|
— А что вам говорят об этом детстве ваши воспоминания? — заинтересованно спросил шевалье. — О! Скажите, Тереза, скажите! Вы не способны представить, вы не можете понять, как я дорожу вашим рассказом. Ведь я сомневаюсь, дитя мое, что вы питаете ко мне достаточно доверия, чтобы поделиться всем, что знаете о себе.
— Увы, сударь! У меня нет иного желания, как рассказать вам все; но я почти ничего не помню; единственное, в чем я твердо уверена, что не всегда носила лохмотья, с которыми не расставалась всю свою юность. Особенно мне запомнилось, что когда я проходила мимо Тюильри, то моей бедной приемной матери всегда приходилось меня утешать. Я заливалась слезами, умоляя ее позволить мне пойти поиграть под каштанами в серсо или в веревочку, как в пору моего первого детства.
— И ни один образ из вашего первого детства не запечатлелся в вашей памяти?
— Ни один! Я не помню ни когда, ни как вместо благополучия и достатка очутилась в бедной лачуге мамаши Денье, где прожила десять горьких лет. Ну, что вы, сударь! Эта бедная женщина была добра ко мне; она любила меня настолько, насколько могут любить бедные; ведь что бы там ни говорили, а нищета сильно иссушает сердце, и когда нет хлеба, когда день и ночь голод стучится в вашу дверь, когда, оглянувшись вокруг себя, видишь, что нет ни средств к существованию, ни надежд; когда Господь Бог так жесток к своим детям, очень трудно быть снисходительным и добрым к другим! И в те моменты, когда наши дела шли из рук вон плохо, и мы были вынуждены идти просить милостыню у дверей какого-нибудь трактира у заставы Вожирар, а мне не удавалось вызвать к себе жалость, матушка Денье порой задавала мне трепку; но это длилось недолго, ее гнев стихал при виде моих первых слез: она просила у меня прощения и обнимала меня; тогда мы плакали вместе и на несколько мгновений забывали о наших бедах.
— А как же вы покинули вашу приемную мать, дорогое дитя?
— Увы, сударь, это не я покинула ее, это она ушла в тот мир, который лучше нашего. В последние дни ее болезни мне исполнилось пятнадцать лет; она так настойчиво призывала меня к стойкости, добродетели и смирению, что, проводив ее в последний путь, видя, как ее опускают в общую могилу, где она будет лежать вместе со своими товарищами по жизненным невзгодам, обратившись к нашему милостивому Господу с горячей молитвой, я поднялась с колен, чувствуя, что стала сильнее и лучше, чем когда бы то ни было; несмотря на свой юный возраст, я уже предвидела опасности, поджидавшие меня в моем одиночестве; не находя в себе сил и не желая отмахнуться от них или бросить им вызов, я решилась бежать от них.

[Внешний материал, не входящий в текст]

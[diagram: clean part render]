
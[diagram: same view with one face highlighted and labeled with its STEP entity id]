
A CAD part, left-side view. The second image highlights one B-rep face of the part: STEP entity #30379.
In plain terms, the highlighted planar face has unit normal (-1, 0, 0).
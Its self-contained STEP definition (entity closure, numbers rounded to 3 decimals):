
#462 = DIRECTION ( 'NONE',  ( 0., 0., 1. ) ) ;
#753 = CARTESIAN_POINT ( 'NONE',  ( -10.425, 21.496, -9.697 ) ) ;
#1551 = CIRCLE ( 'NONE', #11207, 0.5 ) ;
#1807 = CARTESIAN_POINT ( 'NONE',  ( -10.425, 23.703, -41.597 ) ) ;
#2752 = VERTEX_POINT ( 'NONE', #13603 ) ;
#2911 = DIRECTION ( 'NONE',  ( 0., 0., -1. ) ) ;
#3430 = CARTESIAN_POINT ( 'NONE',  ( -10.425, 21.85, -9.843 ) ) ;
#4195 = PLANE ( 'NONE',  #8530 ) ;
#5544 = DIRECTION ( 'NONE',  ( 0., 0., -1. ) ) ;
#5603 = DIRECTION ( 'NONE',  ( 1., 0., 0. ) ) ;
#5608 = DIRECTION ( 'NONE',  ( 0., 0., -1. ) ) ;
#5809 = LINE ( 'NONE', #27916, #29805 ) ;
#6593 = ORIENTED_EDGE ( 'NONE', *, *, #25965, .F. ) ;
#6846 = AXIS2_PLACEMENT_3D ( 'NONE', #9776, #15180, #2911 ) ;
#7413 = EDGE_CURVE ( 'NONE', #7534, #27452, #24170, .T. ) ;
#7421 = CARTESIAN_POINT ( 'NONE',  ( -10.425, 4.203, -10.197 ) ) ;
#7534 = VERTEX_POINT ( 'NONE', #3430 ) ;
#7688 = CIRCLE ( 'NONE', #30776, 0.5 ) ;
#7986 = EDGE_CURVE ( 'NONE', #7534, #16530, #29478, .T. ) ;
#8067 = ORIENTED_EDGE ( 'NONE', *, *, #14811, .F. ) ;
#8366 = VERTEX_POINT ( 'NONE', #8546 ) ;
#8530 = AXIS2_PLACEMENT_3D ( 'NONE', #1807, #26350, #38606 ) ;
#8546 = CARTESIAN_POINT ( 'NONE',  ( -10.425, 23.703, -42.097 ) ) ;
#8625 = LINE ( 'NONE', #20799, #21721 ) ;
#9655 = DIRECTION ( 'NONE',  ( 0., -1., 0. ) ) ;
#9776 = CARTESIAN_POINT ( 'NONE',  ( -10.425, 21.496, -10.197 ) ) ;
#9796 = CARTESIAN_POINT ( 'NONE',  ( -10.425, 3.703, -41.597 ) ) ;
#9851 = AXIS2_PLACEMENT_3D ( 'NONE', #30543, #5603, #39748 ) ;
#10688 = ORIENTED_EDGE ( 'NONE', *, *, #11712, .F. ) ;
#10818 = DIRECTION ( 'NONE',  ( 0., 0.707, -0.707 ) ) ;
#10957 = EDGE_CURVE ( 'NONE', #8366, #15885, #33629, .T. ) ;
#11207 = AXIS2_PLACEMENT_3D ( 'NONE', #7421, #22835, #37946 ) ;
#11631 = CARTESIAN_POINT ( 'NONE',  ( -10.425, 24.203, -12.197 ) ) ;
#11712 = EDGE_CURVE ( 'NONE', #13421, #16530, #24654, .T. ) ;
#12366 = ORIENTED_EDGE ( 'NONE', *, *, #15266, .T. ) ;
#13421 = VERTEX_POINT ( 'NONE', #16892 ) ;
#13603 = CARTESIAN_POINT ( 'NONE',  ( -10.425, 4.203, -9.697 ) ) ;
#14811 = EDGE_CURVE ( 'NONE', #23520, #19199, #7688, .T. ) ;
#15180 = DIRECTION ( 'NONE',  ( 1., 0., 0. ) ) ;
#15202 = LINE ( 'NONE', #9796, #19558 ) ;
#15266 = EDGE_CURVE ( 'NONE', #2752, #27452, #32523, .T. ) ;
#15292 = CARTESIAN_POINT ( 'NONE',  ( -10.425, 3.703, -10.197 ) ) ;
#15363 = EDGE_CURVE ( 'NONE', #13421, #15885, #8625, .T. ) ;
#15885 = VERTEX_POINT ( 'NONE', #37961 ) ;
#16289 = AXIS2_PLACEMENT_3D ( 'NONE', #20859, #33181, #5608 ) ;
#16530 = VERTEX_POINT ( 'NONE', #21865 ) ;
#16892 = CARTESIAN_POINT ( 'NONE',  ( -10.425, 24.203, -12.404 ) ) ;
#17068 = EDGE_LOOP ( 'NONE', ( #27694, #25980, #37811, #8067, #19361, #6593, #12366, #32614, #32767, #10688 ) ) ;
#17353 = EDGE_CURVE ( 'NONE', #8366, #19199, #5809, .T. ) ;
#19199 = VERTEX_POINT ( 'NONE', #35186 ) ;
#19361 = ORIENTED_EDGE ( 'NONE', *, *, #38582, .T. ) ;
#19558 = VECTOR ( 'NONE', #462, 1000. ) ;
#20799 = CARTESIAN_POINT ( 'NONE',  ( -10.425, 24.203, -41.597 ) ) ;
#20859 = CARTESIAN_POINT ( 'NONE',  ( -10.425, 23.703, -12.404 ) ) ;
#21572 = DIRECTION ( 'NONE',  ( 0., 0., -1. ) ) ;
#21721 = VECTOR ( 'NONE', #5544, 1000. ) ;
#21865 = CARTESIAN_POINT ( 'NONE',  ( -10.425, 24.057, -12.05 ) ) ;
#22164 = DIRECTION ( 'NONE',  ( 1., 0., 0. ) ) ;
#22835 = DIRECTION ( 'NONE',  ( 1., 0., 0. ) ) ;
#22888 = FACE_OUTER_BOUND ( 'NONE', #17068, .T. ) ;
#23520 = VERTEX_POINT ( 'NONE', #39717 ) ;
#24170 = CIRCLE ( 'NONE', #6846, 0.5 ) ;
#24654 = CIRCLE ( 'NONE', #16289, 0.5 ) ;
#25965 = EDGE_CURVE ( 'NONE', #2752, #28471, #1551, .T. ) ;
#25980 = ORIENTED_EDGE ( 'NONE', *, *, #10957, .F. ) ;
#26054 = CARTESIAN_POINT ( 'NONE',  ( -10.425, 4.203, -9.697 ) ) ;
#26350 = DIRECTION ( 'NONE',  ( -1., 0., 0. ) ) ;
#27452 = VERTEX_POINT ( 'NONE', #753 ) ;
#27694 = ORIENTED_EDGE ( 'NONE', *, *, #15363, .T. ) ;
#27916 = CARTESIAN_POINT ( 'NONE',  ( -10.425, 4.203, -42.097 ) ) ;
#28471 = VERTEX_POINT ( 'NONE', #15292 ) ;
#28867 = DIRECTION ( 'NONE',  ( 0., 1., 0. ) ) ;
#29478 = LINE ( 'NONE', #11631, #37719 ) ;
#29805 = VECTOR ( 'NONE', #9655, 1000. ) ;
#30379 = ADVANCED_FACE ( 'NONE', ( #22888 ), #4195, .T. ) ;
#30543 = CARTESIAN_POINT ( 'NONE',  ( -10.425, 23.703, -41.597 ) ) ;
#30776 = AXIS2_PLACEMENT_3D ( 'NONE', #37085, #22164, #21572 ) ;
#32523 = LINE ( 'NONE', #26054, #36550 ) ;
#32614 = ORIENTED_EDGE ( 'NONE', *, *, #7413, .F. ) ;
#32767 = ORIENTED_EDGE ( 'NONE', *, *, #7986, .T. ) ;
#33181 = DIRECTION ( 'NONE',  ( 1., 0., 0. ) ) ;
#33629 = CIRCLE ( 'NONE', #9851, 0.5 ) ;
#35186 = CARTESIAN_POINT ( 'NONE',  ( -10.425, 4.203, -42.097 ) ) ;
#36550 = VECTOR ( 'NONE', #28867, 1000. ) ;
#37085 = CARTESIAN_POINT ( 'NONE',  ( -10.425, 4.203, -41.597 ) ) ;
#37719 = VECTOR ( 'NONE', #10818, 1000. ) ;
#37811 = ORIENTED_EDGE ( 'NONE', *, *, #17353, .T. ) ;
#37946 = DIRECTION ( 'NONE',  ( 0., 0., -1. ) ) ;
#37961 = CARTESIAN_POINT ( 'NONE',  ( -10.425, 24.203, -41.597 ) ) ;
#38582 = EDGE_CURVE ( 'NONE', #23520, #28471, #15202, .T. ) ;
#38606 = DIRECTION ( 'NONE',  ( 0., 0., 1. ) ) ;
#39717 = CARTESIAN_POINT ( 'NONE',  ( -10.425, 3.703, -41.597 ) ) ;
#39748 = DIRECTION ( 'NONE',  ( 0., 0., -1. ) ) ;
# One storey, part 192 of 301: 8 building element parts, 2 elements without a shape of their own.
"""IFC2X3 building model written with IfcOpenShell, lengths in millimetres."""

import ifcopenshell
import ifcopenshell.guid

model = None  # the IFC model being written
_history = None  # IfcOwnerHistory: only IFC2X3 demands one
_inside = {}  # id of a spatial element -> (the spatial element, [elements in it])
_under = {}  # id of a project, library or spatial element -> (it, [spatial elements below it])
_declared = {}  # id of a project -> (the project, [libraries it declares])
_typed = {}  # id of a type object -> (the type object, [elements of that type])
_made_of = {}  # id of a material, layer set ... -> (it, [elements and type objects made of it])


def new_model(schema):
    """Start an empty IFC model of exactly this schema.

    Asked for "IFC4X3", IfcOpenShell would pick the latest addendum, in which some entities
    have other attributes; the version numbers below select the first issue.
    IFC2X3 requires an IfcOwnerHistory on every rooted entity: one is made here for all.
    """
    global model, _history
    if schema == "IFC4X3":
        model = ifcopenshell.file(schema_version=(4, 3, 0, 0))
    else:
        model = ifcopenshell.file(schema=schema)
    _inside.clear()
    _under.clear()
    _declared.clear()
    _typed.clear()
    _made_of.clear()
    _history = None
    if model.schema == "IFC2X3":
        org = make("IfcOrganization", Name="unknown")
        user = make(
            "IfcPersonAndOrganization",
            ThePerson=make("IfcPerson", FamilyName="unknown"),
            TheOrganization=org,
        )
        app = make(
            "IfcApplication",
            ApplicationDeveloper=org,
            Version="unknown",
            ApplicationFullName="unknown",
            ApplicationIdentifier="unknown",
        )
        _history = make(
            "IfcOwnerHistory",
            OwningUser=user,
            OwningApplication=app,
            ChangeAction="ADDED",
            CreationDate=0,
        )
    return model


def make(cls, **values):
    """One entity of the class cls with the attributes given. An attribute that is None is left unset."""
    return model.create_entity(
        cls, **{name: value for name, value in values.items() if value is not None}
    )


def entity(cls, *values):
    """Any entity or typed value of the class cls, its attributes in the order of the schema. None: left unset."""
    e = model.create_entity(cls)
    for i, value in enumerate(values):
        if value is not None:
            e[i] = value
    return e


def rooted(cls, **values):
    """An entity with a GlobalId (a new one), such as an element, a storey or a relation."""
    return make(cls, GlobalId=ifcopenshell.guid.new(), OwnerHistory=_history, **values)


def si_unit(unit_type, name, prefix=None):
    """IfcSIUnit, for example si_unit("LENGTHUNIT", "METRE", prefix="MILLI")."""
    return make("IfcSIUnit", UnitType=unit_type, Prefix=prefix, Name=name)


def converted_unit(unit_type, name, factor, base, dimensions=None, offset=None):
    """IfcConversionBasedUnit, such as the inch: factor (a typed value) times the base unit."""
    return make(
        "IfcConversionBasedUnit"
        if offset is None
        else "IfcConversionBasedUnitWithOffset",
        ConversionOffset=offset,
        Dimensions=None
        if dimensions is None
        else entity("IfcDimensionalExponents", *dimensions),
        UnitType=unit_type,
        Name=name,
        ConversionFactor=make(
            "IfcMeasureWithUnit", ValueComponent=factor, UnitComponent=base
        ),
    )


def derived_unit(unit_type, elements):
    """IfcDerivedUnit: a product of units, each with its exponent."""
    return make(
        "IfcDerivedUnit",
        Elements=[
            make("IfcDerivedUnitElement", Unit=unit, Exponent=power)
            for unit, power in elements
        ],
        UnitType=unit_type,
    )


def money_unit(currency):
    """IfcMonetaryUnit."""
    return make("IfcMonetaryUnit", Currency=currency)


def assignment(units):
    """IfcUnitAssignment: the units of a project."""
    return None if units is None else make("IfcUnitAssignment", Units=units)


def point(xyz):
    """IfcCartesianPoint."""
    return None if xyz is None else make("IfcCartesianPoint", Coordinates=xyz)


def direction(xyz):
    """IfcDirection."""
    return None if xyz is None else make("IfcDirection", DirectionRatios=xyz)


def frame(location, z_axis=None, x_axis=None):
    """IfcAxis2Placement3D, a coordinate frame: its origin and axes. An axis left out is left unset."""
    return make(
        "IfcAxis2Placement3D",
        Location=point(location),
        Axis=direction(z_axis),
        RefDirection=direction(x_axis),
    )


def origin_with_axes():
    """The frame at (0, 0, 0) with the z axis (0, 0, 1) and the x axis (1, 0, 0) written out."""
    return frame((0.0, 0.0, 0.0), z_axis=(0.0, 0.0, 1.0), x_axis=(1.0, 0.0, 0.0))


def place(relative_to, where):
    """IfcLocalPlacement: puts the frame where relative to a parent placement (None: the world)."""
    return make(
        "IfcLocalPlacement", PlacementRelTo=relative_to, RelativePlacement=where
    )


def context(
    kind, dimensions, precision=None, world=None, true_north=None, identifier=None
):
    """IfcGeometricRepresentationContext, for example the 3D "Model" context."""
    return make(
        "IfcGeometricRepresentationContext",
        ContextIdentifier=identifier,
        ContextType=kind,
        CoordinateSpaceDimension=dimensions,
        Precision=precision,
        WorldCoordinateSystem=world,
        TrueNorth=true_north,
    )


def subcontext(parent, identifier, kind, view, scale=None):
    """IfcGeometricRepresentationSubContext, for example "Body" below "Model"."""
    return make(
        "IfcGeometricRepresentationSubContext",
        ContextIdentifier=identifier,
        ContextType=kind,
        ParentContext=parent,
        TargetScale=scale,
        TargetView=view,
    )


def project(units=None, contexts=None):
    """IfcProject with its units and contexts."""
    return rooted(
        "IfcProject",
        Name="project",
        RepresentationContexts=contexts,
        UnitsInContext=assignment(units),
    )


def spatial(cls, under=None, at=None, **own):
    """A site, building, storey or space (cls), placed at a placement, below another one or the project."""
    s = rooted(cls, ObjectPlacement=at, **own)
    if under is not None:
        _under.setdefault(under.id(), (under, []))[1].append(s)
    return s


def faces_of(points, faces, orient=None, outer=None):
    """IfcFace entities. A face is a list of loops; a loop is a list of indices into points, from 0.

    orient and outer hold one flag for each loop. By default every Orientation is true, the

Я обратилась к монахиням, которые отдали меня обучаться ремеслу; к несчастью, через короткое время я стала очень ловкой мастерицей.
— Но что же в этом плохого, моя дорогая?
Тереза закрыла лицо ладонями.
— Ну, что ты, что ты! Продолжай! — произнес шевалье самым ободряющим тоном, на который был способен.
— Да, я должна рассказать все, — ответила молодая девушка, — и вы такой добрый, такой сострадательный, вы простите бедной сироте ее грех от своего имени и от имени света. Вы говорите, что хотите стать мне отцом, тогда вы обязаны знать всю правду. Это поможет вам ближе познакомиться с вашей приемной дочерью, и еще мне кажется, что, когда я вам расскажу все, когда вы узнаете, что может извинить мою ошибку, я буду свободнее чувствовать себя с вами.
— Говорите же, дитя мое, и рассчитывайте на мою снисходительность, она будет заодно с моей нежностью и избавит вас от всего тягостного и мучительного, что могло бы содержать ваше признание.
— О! Да, да! Будьте уверены, вы узнаете обо всем, — отвечала Тереза, протягивая шевалье руку, которую тот отечески сжал в своих ладонях.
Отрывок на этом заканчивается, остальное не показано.